Schepartz has applied β-peptide foldamers to inhibit therapeutically significant protein-protein interactions. Her laboratory developed helical β-peptide inhibitors of the p53-hDM2 interaction, demonstrating that foldamers can disrupt critical oncogenic complexes. The β-peptide bundles have also been engineered with catalytic potential, extending their function beyond recognition to include chemical transformations.

A second major contribution addresses the longstanding challenge of delivering proteins, peptides and their mimetics into the mammalian cell cytosol. Schepartz discovered a family of cell-permeant miniature proteins containing a precisely defined penta-arginine motif that traffics efficiently into the cytosol and nucleus. Unlike other cell-penetrating peptides that remain trapped in endosomes, these miniature proteins are released efficiently through a previously unknown pathway involving the HOPS complex, a natural endosome remodeling machine. Using fluorescence correlation spectroscopy, Schepartz demonstrated that these miniature proteins are superior to every known cell-penetrating peptide in achieving cytosolic delivery. The compact miniature protein ZF5.3, just 27 amino acids, guides proteins into the cytosol and nucleus with delivery efficiencies reaching 50% or higher, establishing nuclear or cytosolic concentrations of 500 nM or greater. This work has enabled the nuclear delivery of functional transcription factors including MeCP2, a regulator whose mutation causes Rett syndrome.

Schepartz has also made fundamental contributions to understanding receptor signaling across membranes. Her laboratory discovered that binding of growth factors to the extracellular domain of EGFR induces formation of antiparallel coiled coils in the cytoplasmic juxtamembrane segment located hundreds of amino acids away. The identity of these coiled coils tracks with growth-factor-dependent signaling and can be targeted by novel allosteric inhibitors, offering potential therapeutic strategies for drug-resistant EGFR.

In collaboration with cell biologists, Schepartz developed HIDE probes, two-component chemical tools that allow visualization of multiple organelles in live cells at super-resolution for unprecedented durations. HIDE probes generate images lasting up to 50 times longer than those obtained with protein fusions and can be applied to both cultured and primary cells without transfection.

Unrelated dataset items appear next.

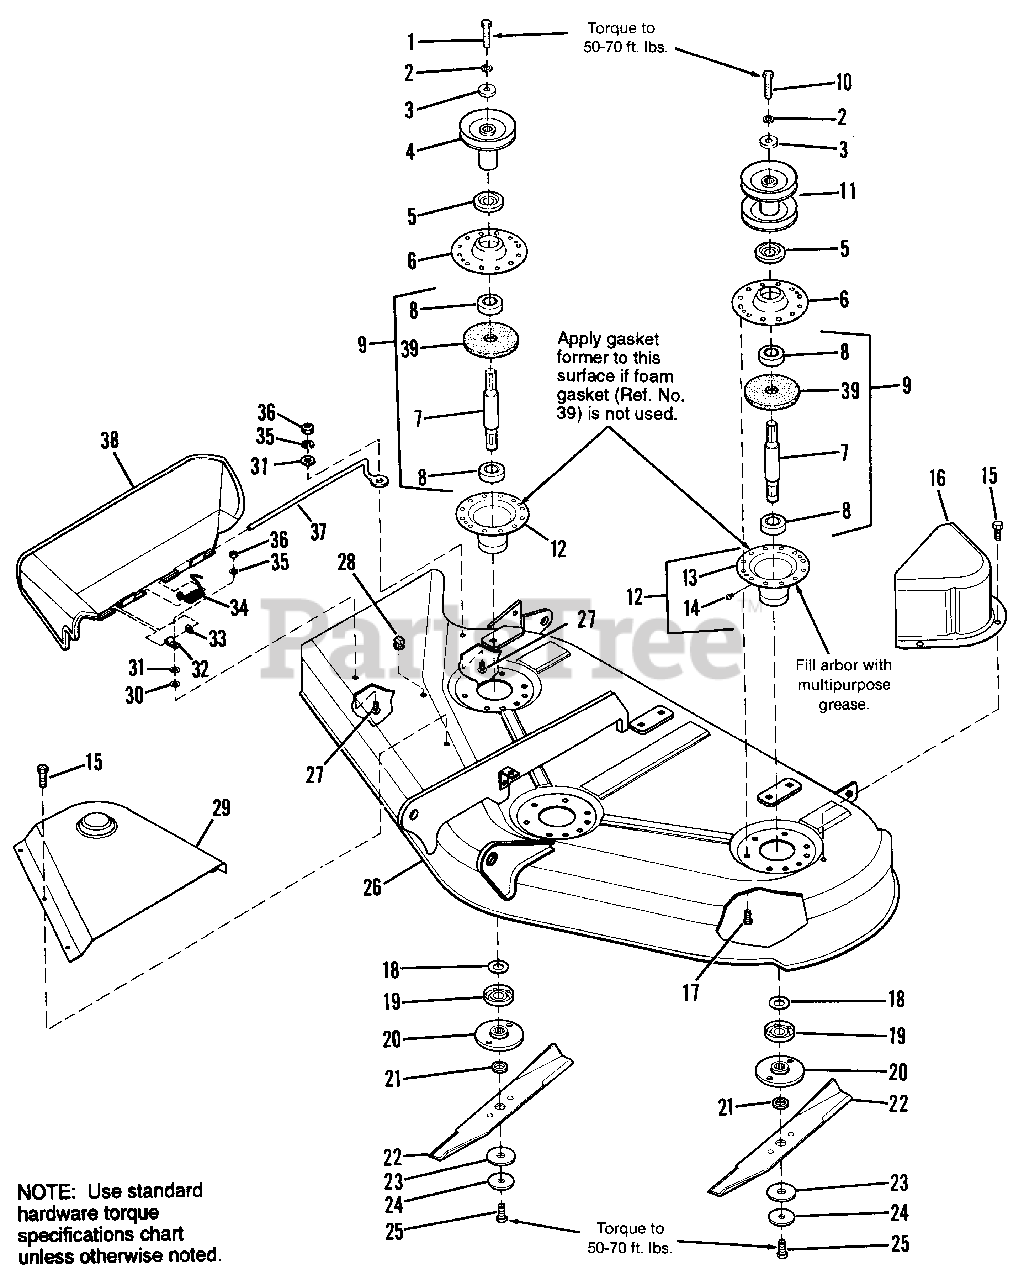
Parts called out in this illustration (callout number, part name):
1	CAPSCREW, Hex Hd., 7/16-14 x 1-1/4
2	LOCKWASHER, 7/16
3	WASHER, Plain
4	PULLEY ASSY., Deck Drive
5	SHIELD, Bearing Upper, Arbor
6	HOUSING, Arbor, Top
7	SHAFT, Arbor (Incl. Ref. No. 21)
9	SHAFT 8 BEARING ASSY. (Center & Outer) (Incl. Ref. Nos. 7, 8, 8 39 )
10	CAPSCREW, Hex Hd., 7/16-14 x 3-1/2
11	PULLEY ASSY.
12	HOUSING ASSY., Arbor, Bottom (Incl. Ref. Nos. 13 & 14)
14	GREASE FITTING
15	SCREW, Hex, Taptite, 5/16 x 1/2
16	COVER, Arbor
17	SCREW, Hex, Taptite, 5/16 x 3/4
18	WASHER, Shim
19	SHIELD, Grass, Bottom
20	ADAPTOR, Blade
21	COLLAR, Mower Arbor
22	BLADE, Mower, 16-1/8
22	BLADE, Mower, 50"
23	WASHER, Spline
24	WASHER, Spring
25	CAPSCREW, Hex Hd., 7/16-14 x 1
26	HOUSING ASSY., 44" (Orange)
26	HOUSING ASSY., 44" (Black)
26	HOUSING ASSY., 50" (Orange)
26	HOUSING ASSY., 50" (Black)
27	CARRIAGE BOLT, 1/4-20 x 7/8
29	COVER, Arbor
30	NUT, Push On
31	WASHER, Flat
33	WASHER, Plain, 5/16
35	LOCKWASHER, 1/4
36	NUT, Hex, 1/4-20
37	ROD, Deflector, Front
38	DEFLECTOR, Plastic
39	GASKET, Foam

Current research in the Schepartz laboratory focuses on repurposing the ribosome to synthesize novel polymers. The ribosome tolerates non-α-amino acids in vitro, and Schepartz has demonstrated ribosomal incorporation of β-amino acids and β-hydroxy acids into proteins in living cells. In 2016 her laboratory reported the first in vivo biosynthesis of a β-amino acid-containing protein. Recent work has achieved ribosomal incorporation of consecutive β-amino acids and developed the backbone extension acyl rearrangement reaction to install β-peptide, γ-peptide and δ-peptide backbones into genetically encoded proteins. These advances point toward programmed cellular synthesis of sequence-defined biopolymers with properties unavailable to natural proteins.

Schepartz is a member of the National Academy of Sciences and a Fellow of the American Academy of Arts and Sciences and the American Chemical Society. Her honors include a David and Lucile Packard Foundation Fellowship in 1990, an NSF Presidential Young Investigator Award in 1991, a Camille and Henry Dreyfus Teacher-Scholar Award in 1993, an Alfred P. Sloan Research Fellowship in 1994, the ACS Arthur C. Cope Scholar Award in 1995, the ACS Eli Lilly Award in Biological Chemistry in 1997, the Agnes Fay Morgan Research Award in 2002, the Frank H. Westheimer Prize Medal from Harvard University in 2008, the inaugural ACS Chemical Biology Prize in 2011, the Ronald Breslow Award for Achievement in Biomimetic Chemistry in 2012, the Wheland Medal, the ACS Ralph F. Hirschmann Award in Peptide Chemistry in 2020 and the Vincent du Vigneaud Award from the American Peptide Society in 2021.